Ricardo Tavares said:


> "... a una lógica a través de la cual...."


 
Ou "por meio da qual", "mediante a qual"... Bem lembrado! Obrigado, Ricardo!


----------



## Mangato

Estimados amigos: 
Vocês estão certos. O uso das preposições nem sepmpre são matemáticas.

Podem dizer

Una lógica *en* la cual (dentro de una manera de pensar y actuar)
Una lógica *por* la cual (causa que nos permite)
Una lógica *de* la cual (procedencia de la forma de actuar.)

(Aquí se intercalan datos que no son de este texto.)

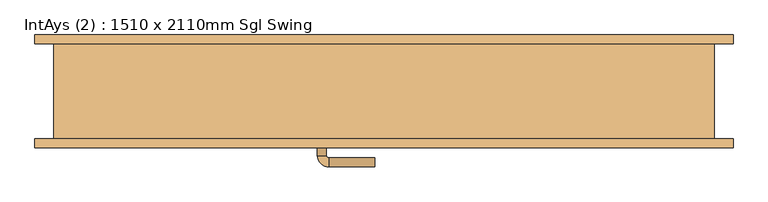
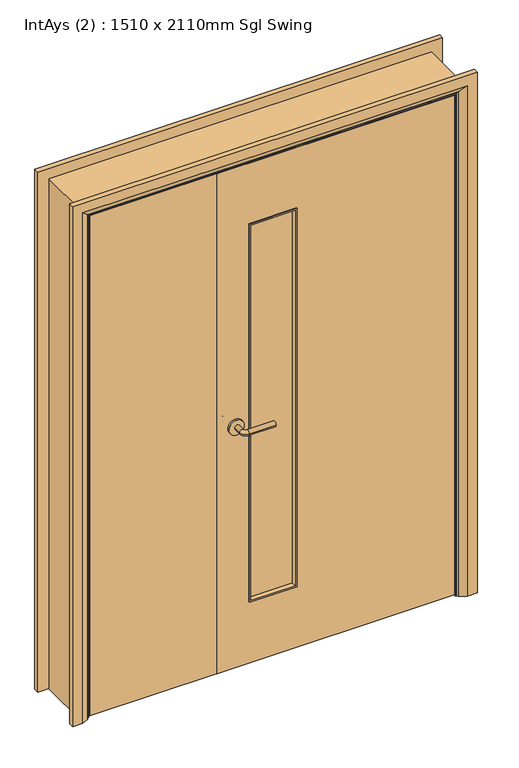
"""IFC4 building model written with IfcOpenShell, lengths in millimetres: door geometry, IntAys (2) : 1510 x 2110mm Sgl Swing."""

import ifcopenshell
import ifcopenshell.guid

model = None  # the IFC model being written
_history = None  # IfcOwnerHistory: only IFC2X3 demands one
_inside = {}  # id of a spatial element -> (the spatial element, [elements in it])
_under = {}  # id of a project, library or spatial element -> (it, [spatial elements below it])
_declared = {}  # id of a project -> (the project, [libraries it declares])
_typed = {}  # id of a type object -> (the type object, [elements of that type])
_made_of = {}  # id of a material, layer set ... -> (it, [elements and type objects made of it])


def new_model(schema):
    """Start an empty IFC model of exactly this schema.

    Asked for "IFC4X3", IfcOpenShell would pick the latest addendum, in which some entities
    have other attributes; the version numbers below select the first issue.
    IFC2X3 requires an IfcOwnerHistory on every rooted entity: one is made here for all.
    """
    global model, _history
    if schema == "IFC4X3":
        model = ifcopenshell.file(schema_version=(4, 3, 0, 0))
    else:
        model = ifcopenshell.file(schema=schema)
    _inside.clear()
    _under.clear()
    _declared.clear()
    _typed.clear()
    _made_of.clear()
    _history = None
    if model.schema == "IFC2X3":
        org = make("IfcOrganization", Name="unknown")
        user = make(
            "IfcPersonAndOrganization",
            ThePerson=make("IfcPerson", FamilyName="unknown"),
            TheOrganization=org,
        )
        app = make(
            "IfcApplication",
            ApplicationDeveloper=org,
            Version="unknown",
            ApplicationFullName="unknown",
            ApplicationIdentifier="unknown",
        )
        _history = make(
            "IfcOwnerHistory",
            OwningUser=user,
            OwningApplication=app,
            ChangeAction="ADDED",
            CreationDate=0,
        )
    return model


def make(cls, **values):
    """One entity of the class cls with the attributes given. An attribute that is None is left unset."""
    return model.create_entity(
        cls, **{name: value for name, value in values.items() if value is not None}
    )


def rooted(cls, **values):
    """An entity with a GlobalId (a new one), such as an element, a storey or a relation."""
    return make(cls, GlobalId=ifcopenshell.guid.new(), OwnerHistory=_history, **values)


def si_unit(unit_type, name, prefix=None):
    """IfcSIUnit, for example si_unit("LENGTHUNIT", "METRE", prefix="MILLI")."""
    return make("IfcSIUnit", UnitType=unit_type, Prefix=prefix, Name=name)


def assignment(units):
    """IfcUnitAssignment: the units of a project."""
    return None if units is None else make("IfcUnitAssignment", Units=units)


def point(xyz):
    """IfcCartesianPoint."""
    return None if xyz is None else make("IfcCartesianPoint", Coordinates=xyz)


def direction(xyz):
    """IfcDirection."""
    return None if xyz is None else make("IfcDirection", DirectionRatios=xyz)


def frame(location, z_axis=None, x_axis=None):
    """IfcAxis2Placement3D, a coordinate frame: its origin and axes. An axis left out is left unset."""
    return make(
        "IfcAxis2Placement3D",
        Location=point(location),
        Axis=direction(z_axis),
        RefDirection=direction(x_axis),
    )


def frame_2d(location, x_axis=None):
    """IfcAxis2Placement2D, a coordinate frame in the plane: its origin and x axis."""
    return make(
        "IfcAxis2Placement2D", Location=point(location), RefDirection=direction(x_axis)
    )


def origin():
    """The frame at (0, 0, 0) with its axes left unset."""
    return frame((0.0, 0.0, 0.0))


def place(relative_to, where):
    """IfcLocalPlacement: puts the frame where relative to a parent placement (None: the world)."""
    return make(
        "IfcLocalPlacement", PlacementRelTo=relative_to, RelativePlacement=where
    )


def context(
    kind, dimensions, precision=None, world=None, true_north=None, identifier=None
):
    """IfcGeometricRepresentationContext, for example the 3D "Model" context."""
    return make(
        "IfcGeometricRepresentationContext",
        ContextIdentifier=identifier,
        ContextType=kind,
        CoordinateSpaceDimension=dimensions,
        Precision=precision,
        WorldCoordinateSystem=world,
        TrueNorth=true_north,
    )


def project(units=None, contexts=None):
    """IfcProject with its units and contexts."""
    return rooted(
        "IfcProject",
        Name="project",
        RepresentationContexts=contexts,
        UnitsInContext=assignment(units),
    )


def spatial(cls, under=None, at=None, **own):
    """A site, building, storey or space (cls), placed at a placement, below another one or the project."""
    s = rooted(cls, ObjectPlacement=at, **own)
    if under is not None:
        _under.setdefault(under.id(), (under, []))[1].append(s)
    return s


def polyline(points):
    """IfcPolyline through the points."""
    return make("IfcPolyline", Points=[point(p) for p in points])


def circle_curve(where, radius):
    """IfcCircle in the frame where."""
    return make("IfcCircle", Position=where, Radius=radius)


def ellipse_curve(where, semi_axis1, semi_axis2):
    """IfcEllipse in the frame where."""
    return make(
        "IfcEllipse", Position=where, SemiAxis1=semi_axis1, SemiAxis2=semi_axis2
    )


def trimmed(basis, trim1, trim2, sense, master):
    """IfcTrimmedCurve: the piece of a basis curve between two trims."""
    return make(
        "IfcTrimmedCurve",
        BasisCurve=basis,
        Trim1=trim1,
        Trim2=trim2,
        SenseAgreement=sense,
        MasterRepresentation=master,
    )


def segment(curve, same_sense, transition):
    """IfcCompositeCurveSegment."""
    return make(
        "IfcCompositeCurveSegment",
        Transition=transition,
        SameSense=same_sense,
        ParentCurve=curve,
    )


def composite_curve(segments, self_intersect=None):
    """IfcCompositeCurve: segments joined end to end."""
    return make("IfcCompositeCurve", Segments=segments, SelfIntersect=self_intersect)


def outline(outer, holes=None, kind="AREA"):
    """IfcArbitraryClosedProfileDef: a profile drawn as a closed curve; with holes, ...WithVoids."""
    if holes is None:
        return make("IfcArbitraryClosedProfileDef", ProfileType=kind, OuterCurve=outer)
    return make(
        "IfcArbitraryProfileDefWithVoids",
        ProfileType=kind,
        OuterCurve=outer,
        InnerCurves=holes,
    )


def extrude(swept, where, along, depth):
    """IfcExtrudedAreaSolid: the profile swept, set in the frame where, extruded along a direction by depth."""
    return make(
        "IfcExtrudedAreaSolid",
        SweptArea=swept,
        Position=where,
        ExtrudedDirection=direction(along),
        Depth=depth,
    )


def faces_of(points, faces, orient=None, outer=None):
    """IfcFace entities. A face is a list of loops; a loop is a list of indices into points, from 0.

    orient and outer hold one flag for each loop. By default every Orientation is true, the
    first loop of a face is its IfcFaceOuterBound and the others are IfcFaceBound.
    """
    made = []
    for i, loops in enumerate(faces):
        bounds = []
        for j, loop in enumerate(loops):
            is_outer = j == 0 if outer is None else outer[i][j]
            bounds.append(
                make(
                    "IfcFaceOuterBound" if is_outer else "IfcFaceBound",
                    Bound=make("IfcPolyLoop", Polygon=[points[k] for k in loop]),
                    Orientation=True if orient is None else orient[i][j],
                )
            )
        made.append(make("IfcFace", Bounds=bounds))
    return made


def faceted_brep(points, faces, orient=None, outer=None, voids=None):
    """IfcFacetedBrep: a solid bounded by flat faces; with voids (closed shells), ...WithVoids."""
    shared = [point(p) for p in points]
    hull = make("IfcClosedShell", CfsFaces=faces_of(shared, faces, orient, outer))
    if voids is None:
        return make("IfcFacetedBrep", Outer=hull)
    return make(
        "IfcFacetedBrepWithVoids",
        Outer=hull,
        Voids=[
            make(cls, CfsFaces=faces_of(shared, fs, o, b)) for cls, fs, o, b in voids
        ],
    )


def shape(context_of_items, identifier, shape_type, items):
    """IfcShapeRepresentation: the items that make up one representation, for example the "Body"."""
    return make(
        "IfcShapeRepresentation",
        ContextOfItems=context_of_items,
        RepresentationIdentifier=identifier,
        RepresentationType=shape_type,
        Items=items,
    )


def source(mapping_origin, context_of_items, identifier, shape_type, items):
    """IfcRepresentationMap: a shape defined once, which mapped items show again and again."""
    return make(
        "IfcRepresentationMap",
        MappingOrigin=mapping_origin,
        MappedRepresentation=shape(context_of_items, identifier, shape_type, items),
    )


def transform(
    local_origin,
    x_axis=None,
    y_axis=None,
    z_axis=None,
    scale=None,
    scale2=None,
    scale3=None,
    uniform=True,
):
    """IfcCartesianTransformationOperator3D, or its non-uniform kind. x_axis, y_axis, z_axis: its Axis1, 2, 3."""
    if uniform:
        return make(
            "IfcCartesianTransformationOperator3D",
            Axis1=direction(x_axis),
            Axis2=direction(y_axis),
            LocalOrigin=point(local_origin),
            Scale=scale,
            Axis3=direction(z_axis),
        )
    return make(
        "IfcCartesianTransformationOperator3DnonUniform",
        Axis1=direction(x_axis),
        Axis2=direction(y_axis),
        LocalOrigin=point(local_origin),
        Scale=scale,
        Axis3=direction(z_axis),
        Scale2=scale2,
        Scale3=scale3,
    )


def mapped(mapping_source, mapping_target):
    """IfcMappedItem: shows the shape of a source again, moved by a transform."""
    return make(
        "IfcMappedItem", MappingSource=mapping_source, MappingTarget=mapping_target
    )


def made_of(thing, what):
    """Note that an element or type object is made of a material, layer set ...; save() writes the relation."""
    if what is not None:
        _made_of.setdefault(what.id(), (what, []))[1].append(thing)
    return thing


def element(
    cls,
    number,
    at=None,
    inside=None,
    cuts=None,
    type_object=None,
    material=None,
    context=None,
    identifier="Body",
    shape_type=None,
    held_by="IfcProductDefinitionShape",
    body=None,
    shapes=None,
    **own,
):
    """One element of the class cls, such as IfcWall. Its Tag is "e" and its number.

    at: its placement. inside: the storey or other place that contains it. cuts: it is an
    opening in that element (IfcRelVoidsElement). A single representation is given by context,
    identifier, shape_type and body (its items); several are given by shapes. held_by: the class
    of the entity that holds the representations. save() writes the other relations.
    """
    e = rooted(cls, Tag="e%d" % number, ObjectPlacement=at, **own)
    if body is not None:
        shapes = [shape(context, identifier, shape_type, body)]
    if shapes is not None:
        e.Representation = make(held_by, Representations=shapes)
    if inside is not None:
        _inside.setdefault(inside.id(), (inside, []))[1].append(e)
    if cuts is not None:
        rooted(
            "IfcRelVoidsElement", RelatingBuildingElement=cuts, RelatedOpeningElement=e
        )
    if type_object is not None:
        _typed.setdefault(type_object.id(), (type_object, []))[1].append(e)
    return made_of(e, material)


def aggregate(whole, parts):
    """IfcRelAggregates: a whole, such as a stair, and the parts it consists of."""
    return rooted("IfcRelAggregates", RelatingObject=whole, RelatedObjects=parts)


def save(model, path):
    """Write the relations noted so far, then the file.

    IfcRelAggregates (storeys below a building ...), IfcRelContainedInSpatialStructure (elements
    in a storey), IfcRelDefinesByType, IfcRelAssociatesMaterial and IfcRelDeclares: one each for
    every whole, place, type object, material and project.
    """
    for whole, parts in _under.values():
        aggregate(whole, parts)
    for where, things in _inside.values():
        rooted(
            "IfcRelContainedInSpatialStructure",
            RelatedElements=things,
            RelatingStructure=where,
        )
    for kind, things in _typed.values():
        rooted("IfcRelDefinesByType", RelatedObjects=things, RelatingType=kind)
    for what, things in _made_of.values():
        rooted("IfcRelAssociatesMaterial", RelatedObjects=things, RelatingMaterial=what)
    for by, libraries in _declared.values():
        rooted("IfcRelDeclares", RelatingContext=by, RelatedDefinitions=libraries)
    model.write(path)


def plane_surface(at):
    """IfcPlane: the flat surface through the origin of the frame at, square to its z axis."""
    return make("IfcPlane", Position=at)


def cylinder_surface(at, radius):
    """IfcCylindricalSurface: all points at the distance radius from the z axis of the frame at."""
    return make("IfcCylindricalSurface", Position=at, Radius=radius)


def revolved_surface(curve, axis_point, axis_direction):
    """IfcSurfaceOfRevolution: the curve turned about the line through axis_point along axis_direction."""
    return make(
        "IfcSurfaceOfRevolution",
        SweptCurve=make("IfcArbitraryOpenProfileDef", ProfileType="CURVE", Curve=curve),
        AxisPosition=make("IfcAxis1Placement", Location=point(axis_point), Axis=direction(axis_direction)),
    )


def advanced_brep(points, edges, surfaces, faces):
    """IfcAdvancedBrep: a solid bounded by faces that lie on surfaces and meet in shared edges.

    An edge is (start, end): straight between two places in points (the first is 0);
    or (start, end, curve); or (start, end, curve, False) where it runs against its curve.
    A face is (place in surfaces, loops), or (place, loops, False) where it looks against
    its surface's normal. A loop lists edges by number (the first is 1), with a minus sign
    where the edge is run from its end to its start. The first loop is the outer one.
    """
    corners = [point(p) for p in points]
    vertices = [make("IfcVertexPoint", VertexGeometry=c) for c in corners]
    made = []
    for start, end, *more in edges:
        made.append(
            make(
                "IfcEdgeCurve",
                EdgeStart=vertices[start],
                EdgeEnd=vertices[end],
                EdgeGeometry=more[0] if more else make("IfcPolyline", Points=[corners[start], corners[end]]),
                SameSense=more[1] if len(more) > 1 else True,
            )
        )
    hull = []
    for where, loops, *sense in faces:
        bounds = []
        for j, loop in enumerate(loops):
            ring = [make("IfcOrientedEdge", EdgeElement=made[abs(k) - 1], Orientation=k > 0) for k in loop]
            bounds.append(
                make(
                    "IfcFaceOuterBound" if j == 0 else "IfcFaceBound",
                    Bound=make("IfcEdgeLoop", EdgeList=ring),
                    Orientation=True,
                )
            )
        hull.append(make("IfcAdvancedFace", Bounds=bounds, FaceSurface=surfaces[where], SameSense=sense[0] if sense else True))
    return make("IfcAdvancedBrep", Outer=make("IfcClosedShell", CfsFaces=hull))


def intays_2_1510_x_2110mm_sgl_swing_dce9c54a(model_context):
    return source(origin(), model_context, "Body", "SolidModel", [
        advanced_brep(
        [(88.5, -67.5, 1000.0), (108.5, -67.5, 1000.0), (88.5, -37.5, 1000.0), (108.5, -37.5, 1000.0), (113.5, -32.5, 1000.0), (113.5, -12.5, 1000.0), (218.5, -12.5, 1000.0), (218.5, -32.5, 1000.0)],
        [
            (0, 1, circle_curve(frame((98.5, -67.5, 1000.0), z_axis=(0.0, -1.0, 0.0), x_axis=(1.0, 0.0, 0.0)), 10.0)),
            (1, 0, circle_curve(frame((98.5, -67.5, 1000.0), z_axis=(0.0, -1.0, 0.0), x_axis=(1.0, 0.0, 0.0)), 10.0)),
            (0, 2),
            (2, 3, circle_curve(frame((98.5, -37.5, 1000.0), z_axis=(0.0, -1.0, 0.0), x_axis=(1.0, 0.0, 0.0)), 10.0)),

Cualquiera de las opciones es válida, lo mismo que las locuciones adverbiales que acertadamente han propuesto, y no que modifican el resultado final, que es la justificación del motivo.


----------



## pkogan

Desde mi lugar de hablante de español, uso el verbo "favorecer" de las dos maneras que vos planteas.





okporip said:


> Repito a frase, mas mudo a pergunta (só abri novo tópico por medo das broncas da Vanda...):
> 
> Esas prácticas clientelares, la gente las integra a una lógica (...) de la supervivencia, en la que las dos partes se favorecen.
> 
> Quanto ao sentido de *se favorecen*, fico na dúvida, na passagem ao português, entre duas interpretações, e me pergunto qual seria a correta (ou a mais fiel ao original) em espanhol:
> 
> (1) Na lógica em questão, uma parte beneficia, favorece a outra (o sentido de _se favorecen _éo de reciprocidade)
> 
> (2) Ambas as partes retiram benefícios da tal lógica. Uma parte se beneficia (_se favorece_) e a outra parte também se beneficia, cada uma independentemente da outra. Mas, se "A _se favorece_ de x" e "B _se favorece_ de x", posso pluralizar e dizer "A e B _se favorecen_ de x".
> 
> Essa segunda interpretação seria gramaticalmente possível em espanhol?


----------



## Ivonne do Tango

"(...) na qual ambas as partes se beneficiam"


----------



## Fer BA

OK:

Entiendo que esto es parte del mismo texto que originó tu mensaje sobre _aún perviven. _Me suena que el uso de *en *no es ni gratuito ni casual. _Una lógica en la que_, lo podrías _sustituir por una situación en la que, _con un énfasis en el aspecto inclusivo y acordado de la situación -como es el caso del clientelismo moderno latinoamericano- donde ambas parten entran en una especie de contrato, y dentro de ese contrato, _en_ esa lógica, ambas se benefician. El voto no surge estrictamente de una adhesión política o ideológica sino de un intercambio concreto, votos por realidades concretas. Como siempre hay quienes intercambian su voto por un almuerzo, pero hay quienes intercambian su voto desde una posición más comunitaria, por la construcción de una escuela o la mejora de un hospital, que debe ser iniciado _antes_ de las elecciones ("_comience a construir la escuela y nosotros lo votamos"_).


----------



## okporip

Fer BA said:


> OK:
> 
> Entiendo que esto es parte del mismo texto que originó tu mensaje sobre _aún perviven. _



Exactamente, Fer. Al leer tus comentarios (y el aporte de pkogan), me doy cuenta de que el hecho de tratarse del clientelismo político hace que adoptar una u otra de las dos interpretaciones no cambie, finalmente, mucha cosa. Desde un cierto punto de vista, las dos partes involucradas en el clientelismo se favorecen reciprocamente. Y si lo hacen, es claro que cada una de ellas se favorece del clientelismo - ambas se favorecen "y punto". 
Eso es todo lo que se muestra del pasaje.